[PROBLEM REQUIREMENTS] Could you return every record below exactly as it stands, leaving out the pictures?

(Dataset records)
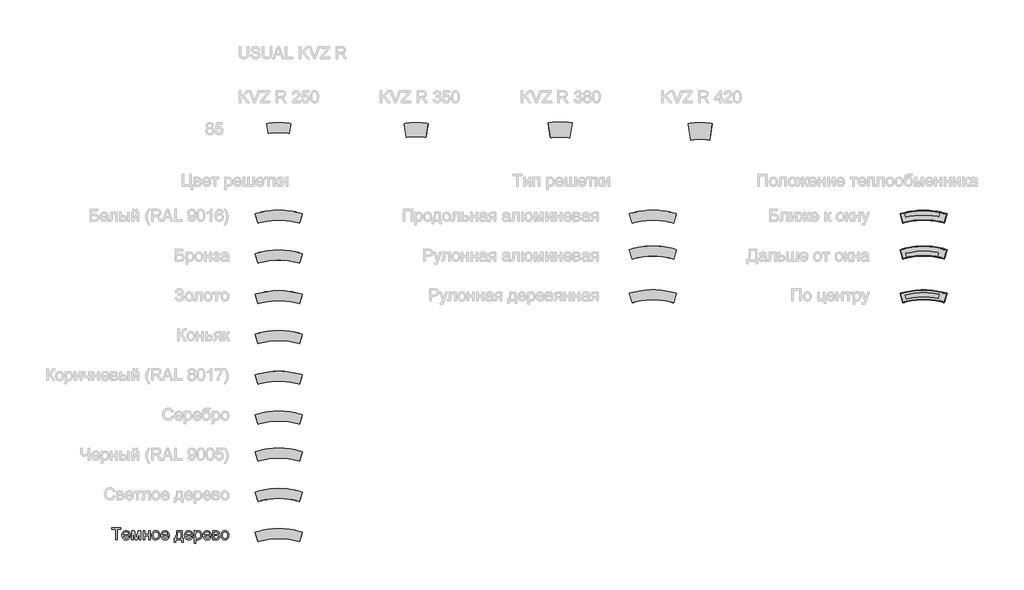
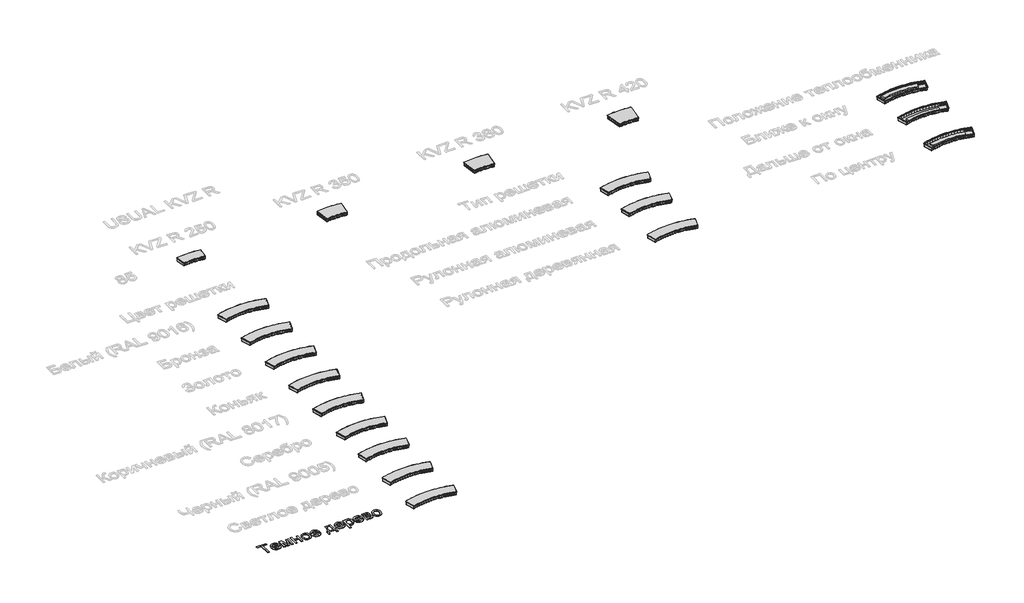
# One storey, part 1 of 9: 36 proxies.
"""IFC4 building model written with IfcOpenShell, lengths in millimetres."""

from ifc_helpers import new_model, si_unit, origin, origin_with_axes, place, context, project, spatial, polyline, outline, extrude, transform, mapped, element, save
from components import mechanical_equipment_265fb7d5, mechanical_equipment_e20392b6, mechanical_equipment_df592ec2, mechanical_equipment_9deb7235, mechanical_equipment_48334f07, mechanical_equipment_bb0315a0, mechanical_equipment_4430c26b, mechanical_equipment_359a41bf, mechanical_equipment_6d7a2586, mechanical_equipment_65362983, mechanical_equipment_a774e377, mechanical_equipment_28dde919, mechanical_equipment_9d25de07

model = new_model("IFC4")

# Units and contexts
model_context = context("Model", 3, world=origin())
ifc_project = project(units=[si_unit("LENGTHUNIT", "METRE", prefix="MILLI")], contexts=[model_context])

# Site, building, storey
site = spatial("IfcSite", under=ifc_project)
building = spatial("IfcBuilding", under=site)
storey = spatial("IfcBuildingStorey", under=building, Name="Уровень 1", Elevation=0.0)

# Proxies
placement = place(None, origin())
element("IfcBuildingElementProxy", 1, Name="Текст модели 1", ObjectType="Текст модели 1", at=placement, inside=storey, context=model_context, shape_type="SweptSolid", body=[
    extrude(outline(polyline([(-2074.0626664, -10726.3104311), (-2074.0626664, -10462.6126169), (-2172.9493467, -10462.6126169), (-2172.9493467, -10424.9415006), (-1937.5048698, -10424.9415006), (-1937.5048698, -10462.6126169), (-2036.3915501, -10462.6126169), (-2036.3915501, -10726.3104311), (-2074.0626664, -10726.3104311)])), origin_with_axes(), (0.0, 0.0, 1.0), 10.0),
    extrude(outline(polyline([(-1744.8818571, -10660.3859775), (-1707.9465048, -10665.0948671), (-1721.254636, -10692.92514), (-1742.4906242, -10713.7288668), (-1771.1762227, -10726.6967072), (-1806.8331851, -10731.0193206), (-1830.2074874, -10729.1546188), (-1851.0342068, -10723.5605132), (-1869.3133435, -10714.2370039), (-1885.0448973, -10701.1840908), (-1897.6954394, -10684.7650575), (-1906.7315409, -10665.3431874), (-1912.1532018, -10642.9184806), (-1913.9604221, -10617.4909369), (-1912.1348077, -10591.2011698), (-1906.6579645, -10568.0292027), (-1897.5298925, -10547.9750354), (-1884.7505917, -10531.038668), (-1869.0604246, -10517.5833841), (-1851.1997537, -10507.9724669), (-1831.1685791, -10502.2059167), (-1808.9669007, -10500.2837332), (-1787.4802929, -10502.2013181), (-1768.0492258, -10507.9540728), (-1750.6736993, -10517.5419973), (-1735.3537134, -10530.9650916), (-1722.8480249, -10547.8646708), (-1713.9153902, -10567.8820499), (-1708.5558094, -10591.0172288), (-1706.7692824, -10617.2702077), (-1706.9900116, -10627.4237508), (-1876.2893058, -10627.4237508), (-1869.7685974, -10655.6219057), (-1854.6210563, -10676.3520561), (-1832.7596687, -10689.0991673), (-1806.0974211, -10693.3482043), (-1786.0478524, -10691.3800356), (-1769.1620688, -10685.4755296), (-1755.4400704, -10675.2668043), (-1744.8818571, -10660.3859775)]), holes=[polyline([(-1876.2893058, -10589.7526345), (-1744.4403987, -10589.7526345), (-1749.5355644, -10569.8502185), (-1759.5235605, -10555.6131853), (-1781.4861156, -10542.3694335), (-1809.1140535, -10537.9548496), (-1834.5071082, -10541.4773197), (-1855.5039731, -10552.04473), (-1870.0996912, -10568.5166463), (-1876.2893058, -10589.7526345)])]), origin_with_axes(), (0.0, 0.0, 1.0), 10.0),
    extrude(outline(polyline([(-1669.0981661, -10504.9926228), (-1604.2773586, -10504.9926228), (-1554.3189836, -10682.1645917), (-1500.4610595, -10504.9926228), (-1438.3625787, -10504.9926228), (-1438.3625787, -10726.3104311), (-1476.033695, -10726.3104311), (-1476.033695, -10548.1083926), (-1530.1859247, -10726.3104311), (-1579.6292649, -10726.3104311), (-1631.4270498, -10539.5735303), (-1631.4270498, -10726.3104311), (-1669.0981661, -10726.3104311), (-1669.0981661, -10504.9926228)])), origin_with_axes(), (0.0, 0.0, 1.0), 10.0),
    extrude(outline(polyline([(-1381.8559043, -10504.9926228), (-1344.184788, -10504.9926228), (-1344.184788, -10589.7526345), (-1245.2981077, -10589.7526345), (-1245.2981077, -10504.9926228), (-1207.6269914, -10504.9926228), (-1207.6269914, -10726.3104311), (-1245.2981077, -10726.3104311), (-1245.2981077, -10627.4237508), (-1344.184788, -10627.4237508), (-1344.184788, -10726.3104311), (-1381.8559043, -10726.3104311), (-1381.8559043, -10504.9926228)])), origin_with_axes(), (0.0, 0.0, 1.0), 10.0),
    extrude(outline(polyline([(-1160.538096, -10615.6515269), (-1158.5009494, -10586.988921), (-1152.3895098, -10562.2902435), (-1142.203777, -10541.5554946), (-1127.9437512, -10524.7846741), (-1113.5871563, -10514.0655125), (-1097.7406394, -10506.4089685), (-1080.4042004, -10501.815042), (-1061.5778393, -10500.2837332), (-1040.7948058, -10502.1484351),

[OUTPUT FOR THIS TASK]
# One storey, part 1 of 9: 36 proxies.
"""IFC4 building model written with IfcOpenShell, lengths in millimetres."""

from ifc_helpers import new_model, si_unit, origin, origin_with_axes, place, context, project, spatial, polyline, outline, extrude, transform, mapped, element, save
from components import mechanical_equipment_265fb7d5, mechanical_equipment_e20392b6, mechanical_equipment_df592ec2, mechanical_equipment_9deb7235, mechanical_equipment_48334f07, mechanical_equipment_bb0315a0, mechanical_equipment_4430c26b, mechanical_equipment_359a41bf, mechanical_equipment_6d7a2586, mechanical_equipment_65362983, mechanical_equipment_a774e377, mechanical_equipment_28dde919, mechanical_equipment_9d25de07

model = new_model("IFC4")

# Units and contexts
model_context = context("Model", 3, world=origin())
ifc_project = project(units=[si_unit("LENGTHUNIT", "METRE", prefix="MILLI")], contexts=[model_context])

# Site, building, storey
site = spatial("IfcSite", under=ifc_project)
building = spatial("IfcBuilding", under=site)
storey = spatial("IfcBuildingStorey", under=building, Name="Уровень 1", Elevation=0.0)

# Proxies
placement = place(None, origin())
element("IfcBuildingElementProxy", 1, Name="Текст модели 1", ObjectType="Текст модели 1", at=placement, inside=storey, context=model_context, shape_type="SweptSolid", body=[
    extrude(outline(polyline([(-2074.0626664, -10726.3104311), (-2074.0626664, -10462.6126169), (-2172.9493467, -10462.6126169), (-2172.9493467, -10424.9415006), (-1937.5048698, -10424.9415006), (-1937.5048698, -10462.6126169), (-2036.3915501, -10462.6126169), (-2036.3915501, -10726.3104311), (-2074.0626664, -10726.3104311)])), origin_with_axes(), (0.0, 0.0, 1.0), 10.0),
    extrude(outline(polyline([(-1744.8818571, -10660.3859775), (-1707.9465048, -10665.0948671), (-1721.254636, -10692.92514), (-1742.4906242, -10713.7288668), (-1771.1762227, -10726.6967072), (-1806.8331851, -10731.0193206), (-1830.2074874, -10729.1546188), (-1851.0342068, -10723.5605132), (-1869.3133435, -10714.2370039), (-1885.0448973, -10701.1840908), (-1897.6954394, -10684.7650575), (-1906.7315409, -10665.3431874), (-1912.1532018, -10642.9184806), (-1913.9604221, -10617.4909369), (-1912.1348077, -10591.2011698), (-1906.6579645, -10568.0292027), (-1897.5298925, -10547.9750354), (-1884.7505917, -10531.038668), (-1869.0604246, -10517.5833841), (-1851.1997537, -10507.9724669), (-1831.1685791, -10502.2059167), (-1808.9669007, -10500.2837332), (-1787.4802929, -10502.2013181), (-1768.0492258, -10507.9540728), (-1750.6736993, -10517.5419973), (-1735.3537134, -10530.9650916), (-1722.8480249, -10547.8646708), (-1713.9153902, -10567.8820499), (-1708.5558094, -10591.0172288), (-1706.7692824, -10617.2702077), (-1706.9900116, -10627.4237508), (-1876.2893058, -10627.4237508), (-1869.7685974, -10655.6219057), (-1854.6210563, -10676.3520561), (-1832.7596687, -10689.0991673), (-1806.0974211, -10693.3482043), (-1786.0478524, -10691.3800356), (-1769.1620688, -10685.4755296), (-1755.4400704, -10675.2668043), (-1744.8818571, -10660.3859775)]), holes=[polyline([(-1876.2893058, -10589.7526345), (-1744.4403987, -10589.7526345), (-1749.5355644, -10569.8502185), (-1759.5235605, -10555.6131853), (-1781.4861156, -10542.3694335), (-1809.1140535, -10537.9548496), (-1834.5071082, -10541.4773197), (-1855.5039731, -10552.04473), (-1870.0996912, -10568.5166463), (-1876.2893058, -10589.7526345)])]), origin_with_axes(), (0.0, 0.0, 1.0), 10.0),
    extrude(outline(polyline([(-1669.0981661, -10504.9926228), (-1604.2773586, -10504.9926228), (-1554.3189836, -10682.1645917), (-1500.4610595, -10504.9926228), (-1438.3625787, -10504.9926228), (-1438.3625787, -10726.3104311), (-1476.033695, -10726.3104311), (-1476.033695, -10548.1083926), (-1530.1859247, -10726.3104311), (-1579.6292649, -10726.3104311), (-1631.4270498, -10539.5735303), (-1631.4270498, -10726.3104311), (-1669.0981661, -10726.3104311), (-1669.0981661, -10504.9926228)])), origin_with_axes(), (0.0, 0.0, 1.0), 10.0),
    extrude(outline(polyline([(-1381.8559043, -10504.9926228), (-1344.184788, -10504.9926228), (-1344.184788, -10589.7526345), (-1245.2981077, -10589.7526345), (-1245.2981077, -10504.9926228), (-1207.6269914, -10504.9926228), (-1207.6269914, -10726.3104311), (-1245.2981077, -10726.3104311), (-1245.2981077, -10627.4237508), (-1344.184788, -10627.4237508), (-1344.184788, -10726.3104311), (-1381.8559043, -10726.3104311), (-1381.8559043, -10504.9926228)])), origin_with_axes(), (0.0, 0.0, 1.0), 10.0),
    extrude(outline(polyline([(-1160.538096, -10615.6515269), (-1158.5009494, -10586.988921), (-1152.3895098, -10562.2902435), (-1142.203777, -10541.5554946), (-1127.9437512, -10524.7846741), (-1113.5871563, -10514.0655125), (-1097.7406394, -10506.4089685), (-1080.4042004, -10501.815042), (-1061.5778393, -10500.2837332), (-1040.7948058, -10502.1484351),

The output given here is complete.